→ **EXERCISE**
Using the data below, return all lines in which "source" appears.
____
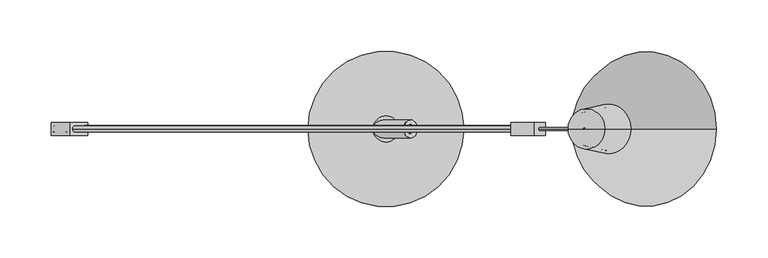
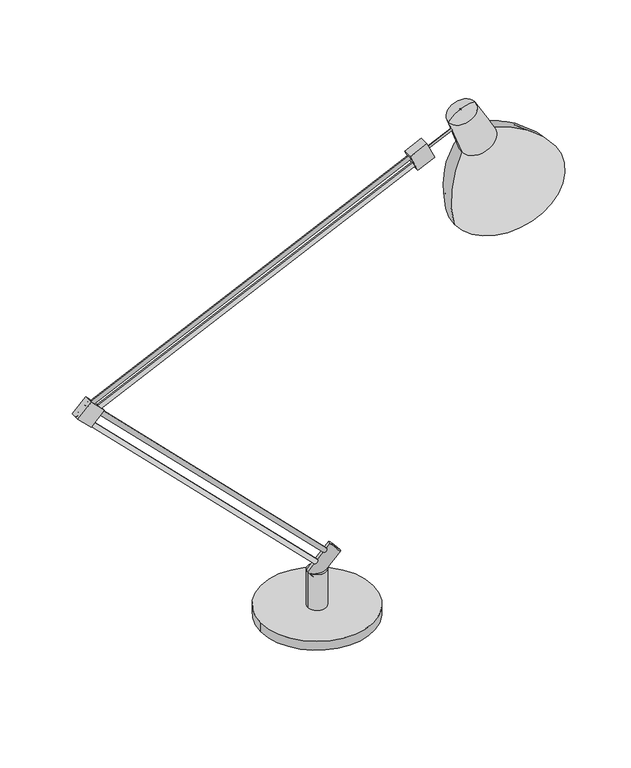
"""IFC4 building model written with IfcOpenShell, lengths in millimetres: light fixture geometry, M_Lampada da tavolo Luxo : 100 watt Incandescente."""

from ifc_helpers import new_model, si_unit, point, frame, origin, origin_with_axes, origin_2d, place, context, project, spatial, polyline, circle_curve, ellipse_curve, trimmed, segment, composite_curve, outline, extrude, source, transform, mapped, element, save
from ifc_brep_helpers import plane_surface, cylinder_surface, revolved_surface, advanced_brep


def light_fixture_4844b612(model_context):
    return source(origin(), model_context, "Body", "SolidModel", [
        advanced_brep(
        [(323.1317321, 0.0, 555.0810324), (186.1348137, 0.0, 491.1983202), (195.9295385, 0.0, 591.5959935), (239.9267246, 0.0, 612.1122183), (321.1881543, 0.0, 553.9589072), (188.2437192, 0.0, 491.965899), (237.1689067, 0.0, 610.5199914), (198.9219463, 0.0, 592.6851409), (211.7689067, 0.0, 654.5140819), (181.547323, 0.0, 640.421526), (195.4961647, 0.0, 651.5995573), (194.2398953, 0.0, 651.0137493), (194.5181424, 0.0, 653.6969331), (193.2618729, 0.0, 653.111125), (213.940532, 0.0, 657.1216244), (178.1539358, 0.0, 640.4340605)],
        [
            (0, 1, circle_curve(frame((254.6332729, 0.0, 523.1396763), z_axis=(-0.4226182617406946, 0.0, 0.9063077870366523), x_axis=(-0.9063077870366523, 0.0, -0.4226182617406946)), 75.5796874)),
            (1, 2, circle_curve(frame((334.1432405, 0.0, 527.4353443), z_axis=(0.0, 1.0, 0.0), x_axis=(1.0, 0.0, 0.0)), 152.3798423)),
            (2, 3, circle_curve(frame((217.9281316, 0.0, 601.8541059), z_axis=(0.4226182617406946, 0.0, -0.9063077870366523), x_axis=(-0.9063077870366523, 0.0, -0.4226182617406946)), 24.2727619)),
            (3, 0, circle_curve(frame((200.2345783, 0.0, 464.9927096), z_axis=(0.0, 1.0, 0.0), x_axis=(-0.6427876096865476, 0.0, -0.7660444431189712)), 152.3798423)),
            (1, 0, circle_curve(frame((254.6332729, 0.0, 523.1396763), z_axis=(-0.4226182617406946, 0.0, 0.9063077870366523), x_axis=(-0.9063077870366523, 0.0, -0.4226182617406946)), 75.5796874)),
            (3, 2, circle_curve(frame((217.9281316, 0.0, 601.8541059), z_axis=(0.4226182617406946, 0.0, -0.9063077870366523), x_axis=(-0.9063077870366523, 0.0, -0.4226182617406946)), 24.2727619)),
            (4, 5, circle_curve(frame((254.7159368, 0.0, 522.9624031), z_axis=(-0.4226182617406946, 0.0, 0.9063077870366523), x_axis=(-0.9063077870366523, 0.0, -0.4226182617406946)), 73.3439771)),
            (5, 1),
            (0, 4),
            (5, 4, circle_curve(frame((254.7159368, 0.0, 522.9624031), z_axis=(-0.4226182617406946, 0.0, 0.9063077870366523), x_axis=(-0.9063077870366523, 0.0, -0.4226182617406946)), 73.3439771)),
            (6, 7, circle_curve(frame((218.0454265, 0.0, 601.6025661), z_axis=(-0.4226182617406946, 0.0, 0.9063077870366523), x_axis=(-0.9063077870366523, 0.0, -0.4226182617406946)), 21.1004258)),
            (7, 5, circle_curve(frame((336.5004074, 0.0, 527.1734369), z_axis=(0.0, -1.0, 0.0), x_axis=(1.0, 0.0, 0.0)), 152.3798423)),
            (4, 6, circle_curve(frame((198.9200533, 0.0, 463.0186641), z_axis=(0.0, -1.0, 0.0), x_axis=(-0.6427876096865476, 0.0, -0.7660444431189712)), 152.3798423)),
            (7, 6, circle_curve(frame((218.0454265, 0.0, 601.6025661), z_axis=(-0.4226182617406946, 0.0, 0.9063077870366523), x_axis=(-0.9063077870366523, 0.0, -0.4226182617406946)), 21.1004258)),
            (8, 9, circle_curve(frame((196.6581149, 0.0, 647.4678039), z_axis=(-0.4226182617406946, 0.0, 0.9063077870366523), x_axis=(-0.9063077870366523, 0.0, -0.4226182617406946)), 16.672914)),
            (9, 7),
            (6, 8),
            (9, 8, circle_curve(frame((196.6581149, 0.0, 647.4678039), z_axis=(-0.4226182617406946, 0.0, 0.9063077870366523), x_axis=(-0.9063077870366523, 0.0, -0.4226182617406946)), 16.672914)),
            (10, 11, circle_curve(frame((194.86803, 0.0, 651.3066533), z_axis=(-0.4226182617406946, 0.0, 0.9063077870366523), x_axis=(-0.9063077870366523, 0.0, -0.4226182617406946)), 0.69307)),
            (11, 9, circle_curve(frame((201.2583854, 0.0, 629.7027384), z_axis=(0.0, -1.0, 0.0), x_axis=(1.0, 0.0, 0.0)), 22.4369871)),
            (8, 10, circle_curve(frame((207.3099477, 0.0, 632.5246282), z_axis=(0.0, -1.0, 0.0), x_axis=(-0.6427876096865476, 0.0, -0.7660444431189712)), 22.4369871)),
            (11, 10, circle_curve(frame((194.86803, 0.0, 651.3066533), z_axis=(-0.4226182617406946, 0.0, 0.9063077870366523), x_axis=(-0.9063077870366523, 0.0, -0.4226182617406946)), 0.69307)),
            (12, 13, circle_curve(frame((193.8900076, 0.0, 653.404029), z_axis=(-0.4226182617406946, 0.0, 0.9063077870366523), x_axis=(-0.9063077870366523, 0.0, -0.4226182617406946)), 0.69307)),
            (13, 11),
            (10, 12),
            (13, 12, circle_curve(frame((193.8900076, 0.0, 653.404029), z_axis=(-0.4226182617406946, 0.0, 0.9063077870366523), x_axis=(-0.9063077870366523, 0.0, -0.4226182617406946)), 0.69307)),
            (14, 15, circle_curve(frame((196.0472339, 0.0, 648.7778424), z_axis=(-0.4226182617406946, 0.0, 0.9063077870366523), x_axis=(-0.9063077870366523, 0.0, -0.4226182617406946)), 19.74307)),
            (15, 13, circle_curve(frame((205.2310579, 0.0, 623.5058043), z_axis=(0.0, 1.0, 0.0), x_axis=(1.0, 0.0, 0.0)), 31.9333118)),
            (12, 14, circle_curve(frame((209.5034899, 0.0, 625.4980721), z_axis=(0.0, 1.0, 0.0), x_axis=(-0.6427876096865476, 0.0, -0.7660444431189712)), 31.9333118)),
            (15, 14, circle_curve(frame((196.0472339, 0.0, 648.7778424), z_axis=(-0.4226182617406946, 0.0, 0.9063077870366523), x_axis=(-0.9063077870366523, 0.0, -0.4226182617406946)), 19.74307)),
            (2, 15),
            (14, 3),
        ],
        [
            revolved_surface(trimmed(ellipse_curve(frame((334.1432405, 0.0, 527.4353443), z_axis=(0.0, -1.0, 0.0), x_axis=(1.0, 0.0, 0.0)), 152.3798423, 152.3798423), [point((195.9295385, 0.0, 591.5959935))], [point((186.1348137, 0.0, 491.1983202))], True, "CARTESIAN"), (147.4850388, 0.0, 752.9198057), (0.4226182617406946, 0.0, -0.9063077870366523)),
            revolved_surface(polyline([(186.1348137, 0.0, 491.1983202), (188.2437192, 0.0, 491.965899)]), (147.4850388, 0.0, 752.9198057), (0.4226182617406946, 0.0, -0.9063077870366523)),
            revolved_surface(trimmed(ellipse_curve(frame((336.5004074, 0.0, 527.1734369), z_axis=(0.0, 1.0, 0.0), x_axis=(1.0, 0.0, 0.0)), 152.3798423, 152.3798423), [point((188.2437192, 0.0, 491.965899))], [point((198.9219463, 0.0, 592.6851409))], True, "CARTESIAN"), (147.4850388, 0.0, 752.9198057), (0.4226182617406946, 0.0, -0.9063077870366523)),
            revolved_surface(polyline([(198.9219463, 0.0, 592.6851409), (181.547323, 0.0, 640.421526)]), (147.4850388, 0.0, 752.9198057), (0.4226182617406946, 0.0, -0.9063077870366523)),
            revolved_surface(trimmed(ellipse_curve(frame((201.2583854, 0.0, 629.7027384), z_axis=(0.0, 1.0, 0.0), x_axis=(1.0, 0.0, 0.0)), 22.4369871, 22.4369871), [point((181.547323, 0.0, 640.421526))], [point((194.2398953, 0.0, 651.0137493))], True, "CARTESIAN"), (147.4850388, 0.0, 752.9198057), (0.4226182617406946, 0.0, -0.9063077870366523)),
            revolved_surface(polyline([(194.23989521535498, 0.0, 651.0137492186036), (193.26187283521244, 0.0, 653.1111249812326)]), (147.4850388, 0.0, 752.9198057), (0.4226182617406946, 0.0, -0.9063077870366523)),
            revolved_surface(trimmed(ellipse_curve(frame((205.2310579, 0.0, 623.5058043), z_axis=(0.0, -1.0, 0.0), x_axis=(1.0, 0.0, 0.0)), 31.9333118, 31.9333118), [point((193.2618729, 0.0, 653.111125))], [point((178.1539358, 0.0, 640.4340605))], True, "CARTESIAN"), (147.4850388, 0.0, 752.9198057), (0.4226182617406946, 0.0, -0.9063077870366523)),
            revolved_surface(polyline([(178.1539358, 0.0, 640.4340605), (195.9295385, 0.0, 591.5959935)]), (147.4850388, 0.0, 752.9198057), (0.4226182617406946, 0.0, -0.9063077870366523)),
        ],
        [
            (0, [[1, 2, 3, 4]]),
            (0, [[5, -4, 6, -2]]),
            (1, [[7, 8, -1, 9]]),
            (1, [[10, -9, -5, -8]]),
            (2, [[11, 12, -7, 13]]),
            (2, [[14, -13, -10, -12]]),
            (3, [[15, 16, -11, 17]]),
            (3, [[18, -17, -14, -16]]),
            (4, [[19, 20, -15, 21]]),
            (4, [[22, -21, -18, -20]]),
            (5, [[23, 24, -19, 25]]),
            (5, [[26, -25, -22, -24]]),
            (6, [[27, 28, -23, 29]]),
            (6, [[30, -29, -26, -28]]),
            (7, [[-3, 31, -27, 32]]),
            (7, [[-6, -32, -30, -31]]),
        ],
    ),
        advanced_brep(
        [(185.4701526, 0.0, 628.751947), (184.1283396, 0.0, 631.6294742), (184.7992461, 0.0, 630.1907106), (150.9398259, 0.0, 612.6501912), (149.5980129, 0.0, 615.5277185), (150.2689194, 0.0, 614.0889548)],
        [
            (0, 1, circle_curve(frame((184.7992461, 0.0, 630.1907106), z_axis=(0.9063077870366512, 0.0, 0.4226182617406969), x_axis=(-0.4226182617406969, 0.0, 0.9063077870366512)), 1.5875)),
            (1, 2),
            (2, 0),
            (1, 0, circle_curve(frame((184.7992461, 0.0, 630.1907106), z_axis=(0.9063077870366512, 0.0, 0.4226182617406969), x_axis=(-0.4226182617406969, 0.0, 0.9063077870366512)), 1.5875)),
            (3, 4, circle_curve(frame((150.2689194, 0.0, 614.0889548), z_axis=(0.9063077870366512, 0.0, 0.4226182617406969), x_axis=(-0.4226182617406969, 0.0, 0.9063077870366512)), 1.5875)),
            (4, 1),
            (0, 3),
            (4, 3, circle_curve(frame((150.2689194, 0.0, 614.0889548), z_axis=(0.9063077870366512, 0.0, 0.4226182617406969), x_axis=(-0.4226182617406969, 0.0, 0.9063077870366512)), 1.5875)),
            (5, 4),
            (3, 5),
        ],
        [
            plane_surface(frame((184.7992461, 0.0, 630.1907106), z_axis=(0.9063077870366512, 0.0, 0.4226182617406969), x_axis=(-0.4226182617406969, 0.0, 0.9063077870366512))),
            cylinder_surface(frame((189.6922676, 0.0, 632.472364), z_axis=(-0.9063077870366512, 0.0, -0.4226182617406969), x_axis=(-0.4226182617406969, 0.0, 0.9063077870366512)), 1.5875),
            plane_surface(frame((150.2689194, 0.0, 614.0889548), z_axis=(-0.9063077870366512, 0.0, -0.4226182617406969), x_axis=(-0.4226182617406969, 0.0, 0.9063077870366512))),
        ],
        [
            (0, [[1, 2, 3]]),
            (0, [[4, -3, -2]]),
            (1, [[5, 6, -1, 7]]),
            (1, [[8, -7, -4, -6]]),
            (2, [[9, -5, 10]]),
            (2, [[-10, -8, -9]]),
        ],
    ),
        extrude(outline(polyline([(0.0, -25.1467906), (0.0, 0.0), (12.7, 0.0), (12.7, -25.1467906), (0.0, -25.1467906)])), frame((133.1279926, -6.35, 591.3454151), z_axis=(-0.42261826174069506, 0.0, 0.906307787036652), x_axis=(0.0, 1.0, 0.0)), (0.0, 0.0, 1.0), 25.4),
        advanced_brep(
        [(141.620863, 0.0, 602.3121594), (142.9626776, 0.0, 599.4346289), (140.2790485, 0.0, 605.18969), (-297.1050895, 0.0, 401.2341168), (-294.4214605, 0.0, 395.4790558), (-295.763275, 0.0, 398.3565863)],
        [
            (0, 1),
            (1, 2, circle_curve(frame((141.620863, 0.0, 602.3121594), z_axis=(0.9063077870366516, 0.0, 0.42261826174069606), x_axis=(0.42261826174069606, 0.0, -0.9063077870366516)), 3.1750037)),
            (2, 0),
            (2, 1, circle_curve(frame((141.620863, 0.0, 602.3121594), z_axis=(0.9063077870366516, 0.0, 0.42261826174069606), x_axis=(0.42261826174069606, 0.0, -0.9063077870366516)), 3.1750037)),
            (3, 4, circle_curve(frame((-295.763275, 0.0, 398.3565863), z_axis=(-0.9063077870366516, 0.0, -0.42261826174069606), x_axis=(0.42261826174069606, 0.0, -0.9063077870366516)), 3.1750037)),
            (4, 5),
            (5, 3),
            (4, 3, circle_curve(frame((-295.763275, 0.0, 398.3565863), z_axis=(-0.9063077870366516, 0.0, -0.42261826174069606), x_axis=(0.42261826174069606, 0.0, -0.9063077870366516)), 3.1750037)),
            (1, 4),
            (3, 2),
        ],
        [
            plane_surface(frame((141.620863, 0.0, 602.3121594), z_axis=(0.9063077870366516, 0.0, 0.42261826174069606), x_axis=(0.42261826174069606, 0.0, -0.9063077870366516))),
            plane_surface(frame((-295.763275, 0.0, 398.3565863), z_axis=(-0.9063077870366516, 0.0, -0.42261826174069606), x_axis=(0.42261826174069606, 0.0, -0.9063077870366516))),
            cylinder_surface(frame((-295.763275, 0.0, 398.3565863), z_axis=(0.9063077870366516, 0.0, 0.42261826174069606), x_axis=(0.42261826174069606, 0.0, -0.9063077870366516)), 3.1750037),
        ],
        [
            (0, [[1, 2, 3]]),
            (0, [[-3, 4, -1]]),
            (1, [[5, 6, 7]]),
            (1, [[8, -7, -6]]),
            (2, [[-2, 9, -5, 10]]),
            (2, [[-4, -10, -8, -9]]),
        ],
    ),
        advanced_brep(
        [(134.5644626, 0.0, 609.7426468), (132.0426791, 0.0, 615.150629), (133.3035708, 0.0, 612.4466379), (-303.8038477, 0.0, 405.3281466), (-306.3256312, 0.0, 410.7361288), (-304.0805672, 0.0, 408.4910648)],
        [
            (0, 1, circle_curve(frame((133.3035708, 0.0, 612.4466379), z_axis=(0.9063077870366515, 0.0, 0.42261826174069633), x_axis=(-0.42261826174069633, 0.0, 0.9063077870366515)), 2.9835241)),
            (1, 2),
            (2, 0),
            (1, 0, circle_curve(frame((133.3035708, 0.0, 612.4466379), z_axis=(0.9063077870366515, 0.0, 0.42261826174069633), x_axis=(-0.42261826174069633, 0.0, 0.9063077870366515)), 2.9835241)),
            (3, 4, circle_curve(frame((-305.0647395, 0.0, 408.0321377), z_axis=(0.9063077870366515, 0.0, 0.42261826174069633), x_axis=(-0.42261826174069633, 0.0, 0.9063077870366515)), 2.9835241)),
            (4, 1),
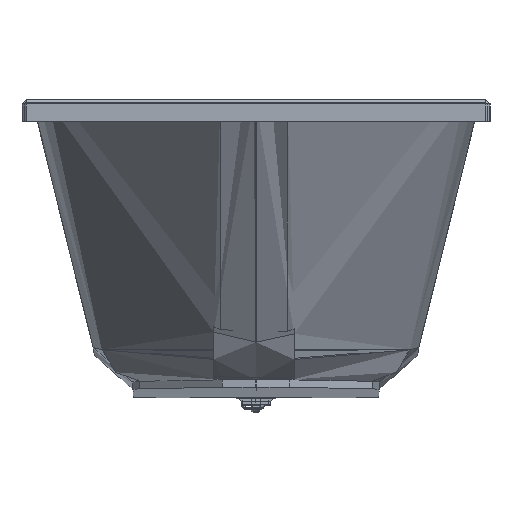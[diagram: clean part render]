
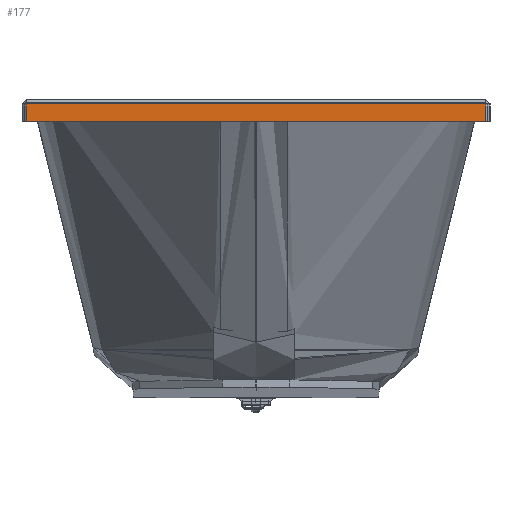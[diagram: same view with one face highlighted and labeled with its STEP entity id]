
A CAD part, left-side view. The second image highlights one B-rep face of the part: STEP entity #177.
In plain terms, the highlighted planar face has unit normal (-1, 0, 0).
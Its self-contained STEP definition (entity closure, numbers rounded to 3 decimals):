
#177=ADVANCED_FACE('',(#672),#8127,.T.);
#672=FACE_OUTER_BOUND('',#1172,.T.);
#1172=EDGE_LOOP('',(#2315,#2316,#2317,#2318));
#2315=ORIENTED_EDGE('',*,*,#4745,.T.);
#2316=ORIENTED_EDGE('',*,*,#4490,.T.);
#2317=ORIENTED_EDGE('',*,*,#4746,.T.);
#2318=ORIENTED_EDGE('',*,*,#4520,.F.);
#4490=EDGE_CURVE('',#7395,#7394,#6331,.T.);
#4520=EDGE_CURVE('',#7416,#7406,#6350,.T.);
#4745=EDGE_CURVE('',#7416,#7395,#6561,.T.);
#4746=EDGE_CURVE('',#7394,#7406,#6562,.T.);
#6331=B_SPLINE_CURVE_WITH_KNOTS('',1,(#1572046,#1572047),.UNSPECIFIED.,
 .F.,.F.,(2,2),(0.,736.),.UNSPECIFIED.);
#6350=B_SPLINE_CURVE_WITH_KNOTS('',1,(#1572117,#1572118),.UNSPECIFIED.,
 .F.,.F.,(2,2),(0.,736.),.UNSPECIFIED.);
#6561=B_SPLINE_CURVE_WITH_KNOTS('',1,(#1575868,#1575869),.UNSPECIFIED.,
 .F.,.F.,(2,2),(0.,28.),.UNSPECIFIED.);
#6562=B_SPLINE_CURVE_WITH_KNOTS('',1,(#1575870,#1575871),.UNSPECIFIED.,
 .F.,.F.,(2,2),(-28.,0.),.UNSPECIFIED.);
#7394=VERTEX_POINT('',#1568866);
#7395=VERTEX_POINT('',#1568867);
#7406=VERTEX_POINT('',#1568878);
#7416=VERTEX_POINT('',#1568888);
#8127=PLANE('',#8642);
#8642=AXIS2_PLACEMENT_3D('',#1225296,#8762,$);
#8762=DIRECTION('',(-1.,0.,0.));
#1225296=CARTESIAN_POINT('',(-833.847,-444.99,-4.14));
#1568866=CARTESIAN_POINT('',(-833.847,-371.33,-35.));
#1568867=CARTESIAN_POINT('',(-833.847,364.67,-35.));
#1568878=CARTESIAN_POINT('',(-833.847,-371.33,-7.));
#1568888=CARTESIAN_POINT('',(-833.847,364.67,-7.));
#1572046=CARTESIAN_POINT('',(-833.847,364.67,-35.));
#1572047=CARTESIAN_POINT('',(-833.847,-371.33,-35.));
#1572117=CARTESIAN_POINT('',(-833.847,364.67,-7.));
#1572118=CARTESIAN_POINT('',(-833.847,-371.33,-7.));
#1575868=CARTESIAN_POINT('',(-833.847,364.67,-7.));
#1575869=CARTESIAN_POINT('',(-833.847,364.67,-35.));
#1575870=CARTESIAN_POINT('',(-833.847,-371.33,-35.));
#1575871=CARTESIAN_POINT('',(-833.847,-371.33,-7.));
____
→ **ANSWER BOX**
from ifc_helpers import new_model, si_unit, point, frame, origin, origin_with_axes, origin_2d, place, context, project, spatial, polyline, circle_curve, ellipse_curve, trimmed, segment, composite_curve, outline, extrude, source, transform, mapped, element, save
    return source(origin(), model_context, "Body", "SolidModel", [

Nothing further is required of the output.